But the self-described “theological circuit rider,” holder of two doctorates and a former president of the National Coalition of American Nuns, was welcomed back to the order’s Motherhouse in Orange as an honored scholar and old friend, as well as the first speaker in Marymount’s “Christ Centering Days.”

Of course, some alterations were in order, given the topic. Since the Wednesday-morning gatherings--designed primarily for lay people--integrate meditation and the celebration of Mass with the speakers, the sessions are usually held in the chapel. This time Donnelly, a frequent university lecturer, suggested that a classroom would be more appropriate, and the sisters agreed.

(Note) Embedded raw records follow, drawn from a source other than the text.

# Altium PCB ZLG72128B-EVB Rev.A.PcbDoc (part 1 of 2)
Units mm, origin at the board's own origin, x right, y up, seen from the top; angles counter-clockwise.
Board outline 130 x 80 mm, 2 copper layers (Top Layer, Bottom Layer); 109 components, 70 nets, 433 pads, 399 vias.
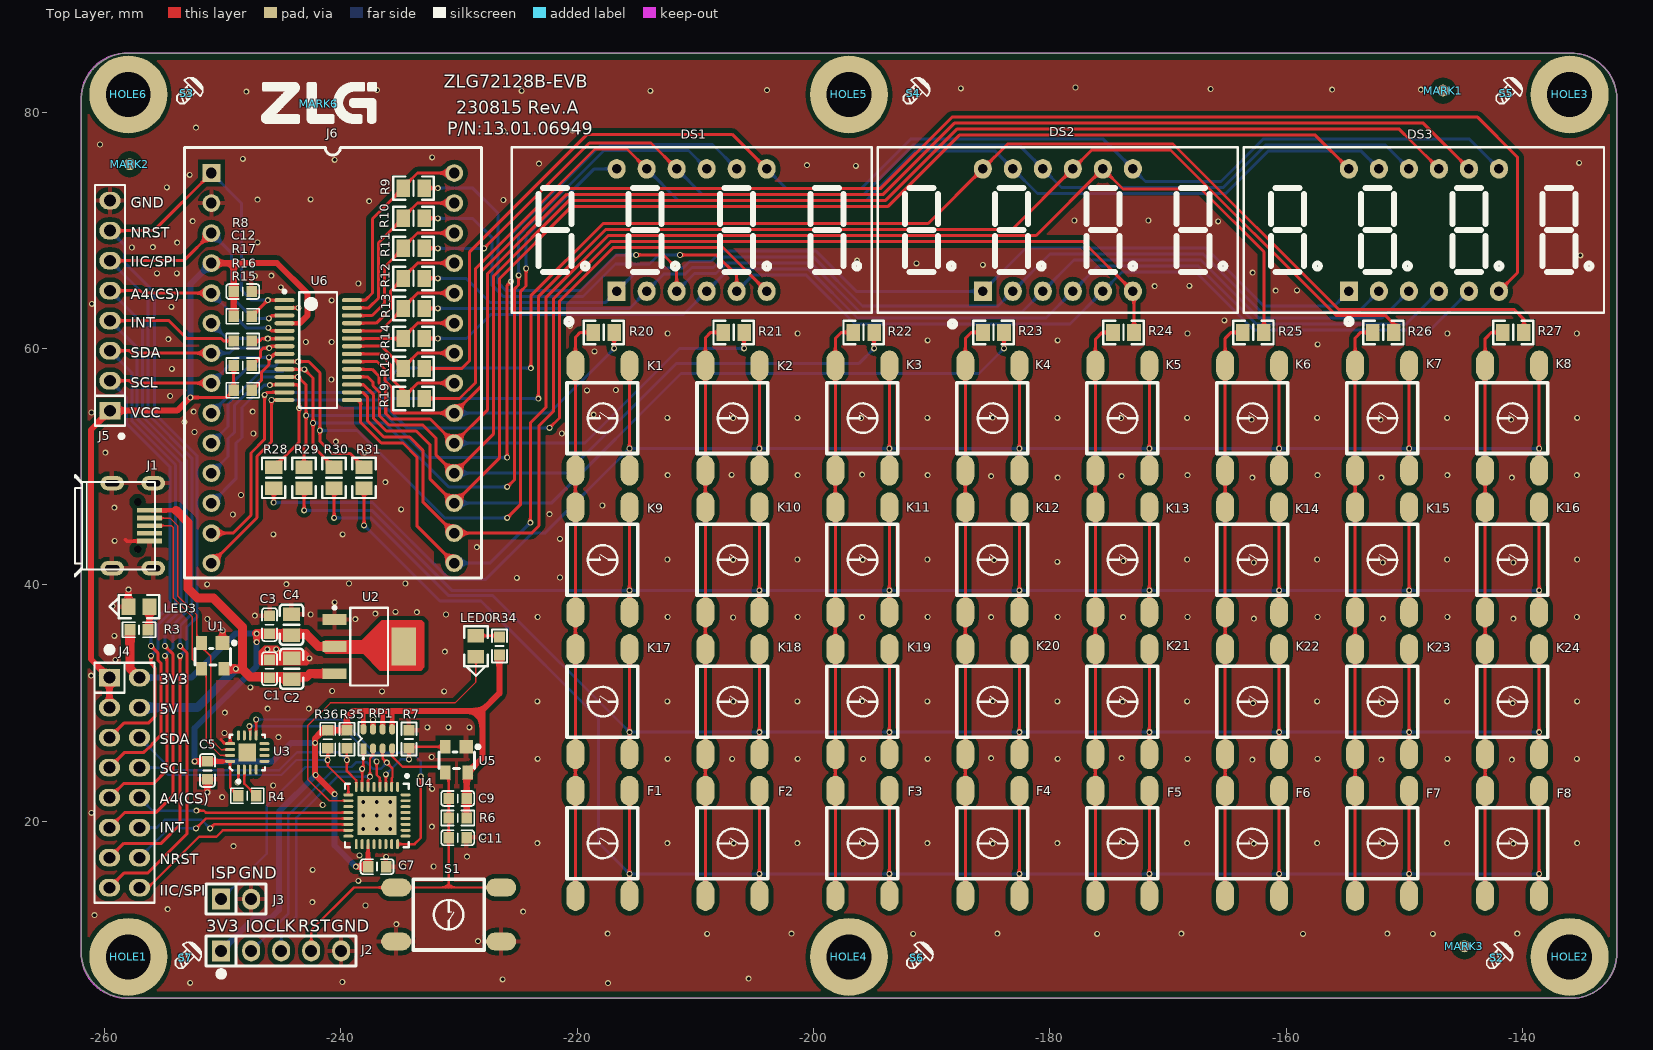
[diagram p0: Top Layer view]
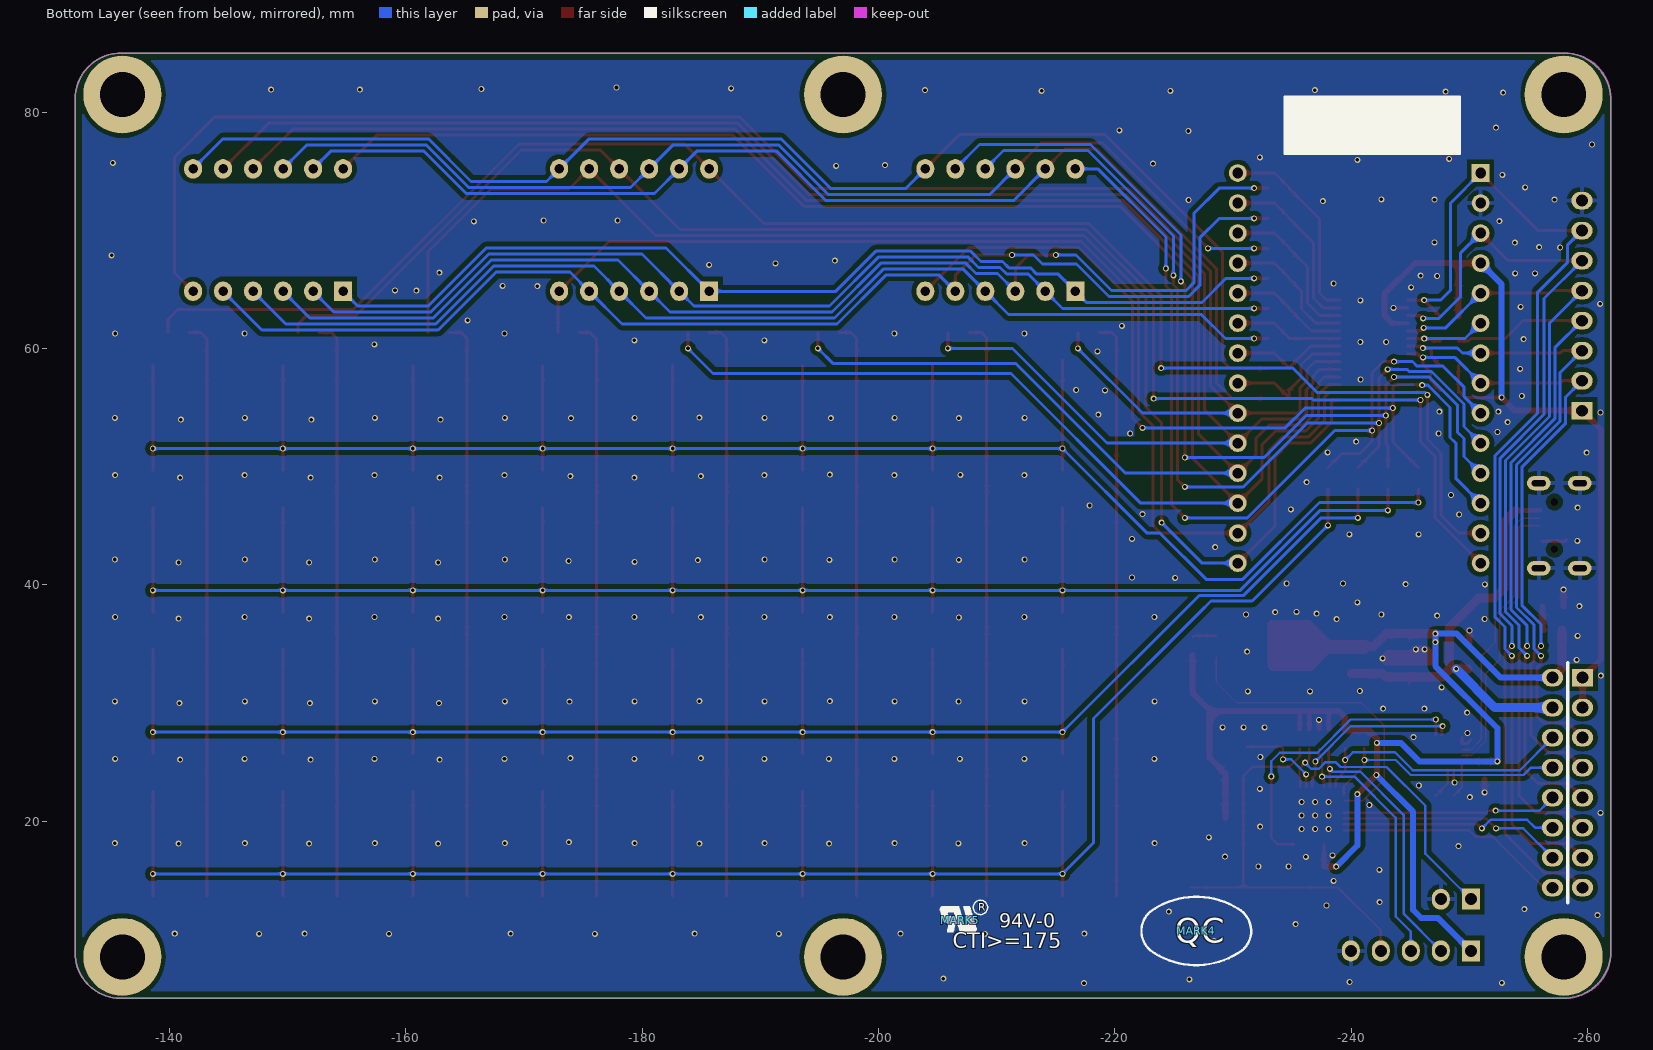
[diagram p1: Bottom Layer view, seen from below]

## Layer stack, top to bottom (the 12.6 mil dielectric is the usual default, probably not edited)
Top Solder: solder mask 0.0102, Solder Resist, Dk 3.5
Top Layer: signal copper 0.0356
Dielectric1: dielectric 0.32, FR-4, Dk 4.8
Bottom Layer: signal copper 0.0356
Bottom Solder: solder mask 0.0102, Solder Resist, Dk 3.5

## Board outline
-262,8.962 -262,80.911 cw(c-257.974,80.974) -258.038,85 -135.988,85 cw(c-135.912,81.088) -131.999,81.119 -132,81.119 -132,8.886 cw(c-135.848,8.848) -135.81,5 -257.911,5 cw(c-257.974,9.026)

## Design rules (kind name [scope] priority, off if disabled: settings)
Clearance Clearance_Keepout [OnLayer('Keep-Out Layer')] p1: gap=0.508 ignorepadtopadclearanceinfootprint=FALSE except(0: Arc-Hole Track-Hole SMDPad-Hole THPad-Hole Via-Hole Fill-Hole Poly-Hole Region-Hole Text-Hole)
Clearance Clearance_Wave [OnLayer('Bottom Layer') and IsSMTPin vs IsPadHoleValid>(HasFootprint('PAD-35/50') or HasFootprint('HOLE-3.2*') or HasFootprint('SMDSTUD-409D556W*') or    HasFootprint('SMT50L*FEMALE') or HasFootprint('IDCS*'))] p2: gap=4 ignorepadtopadclearanceinfootprint=FALSE except(0: Arc-Hole Track-Hole SMDPad-Hole THPad-Hole Via-Hole Fill-Hole Poly-Hole Region-Hole Text-Hole)
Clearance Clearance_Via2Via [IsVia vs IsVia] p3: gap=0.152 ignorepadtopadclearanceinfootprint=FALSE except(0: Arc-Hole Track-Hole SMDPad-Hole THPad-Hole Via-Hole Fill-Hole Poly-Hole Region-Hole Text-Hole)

Standing at a wooden podium, flanked by a colored map outlining the travels of St. Paul and a blackboard filled with notes, Donnelly launched into two lively hours of wide-ranging remarks focusing on her thesis that “sexuality is a gift, not an affliction” and her plea to “accept in a more healthy way that we are embodied.”

Steeped in Languages

In the process of setting the historical scene, she managed to quote Plato, Carl Jung, William James, Theresa of Avila, Oedipal theory, Augustine of Hippo, Carlos Castaneda, G.I. Gurdjieff--and Virgil, in the original. After one linguistic digression, she explained: “I spent half my life in languages.” Early church doctrine was served up in Latin, but the message was mostly contemporary, with the activist academic urging the 14 people sitting in a rough semicircle to “go off and do what you want when I get boring.”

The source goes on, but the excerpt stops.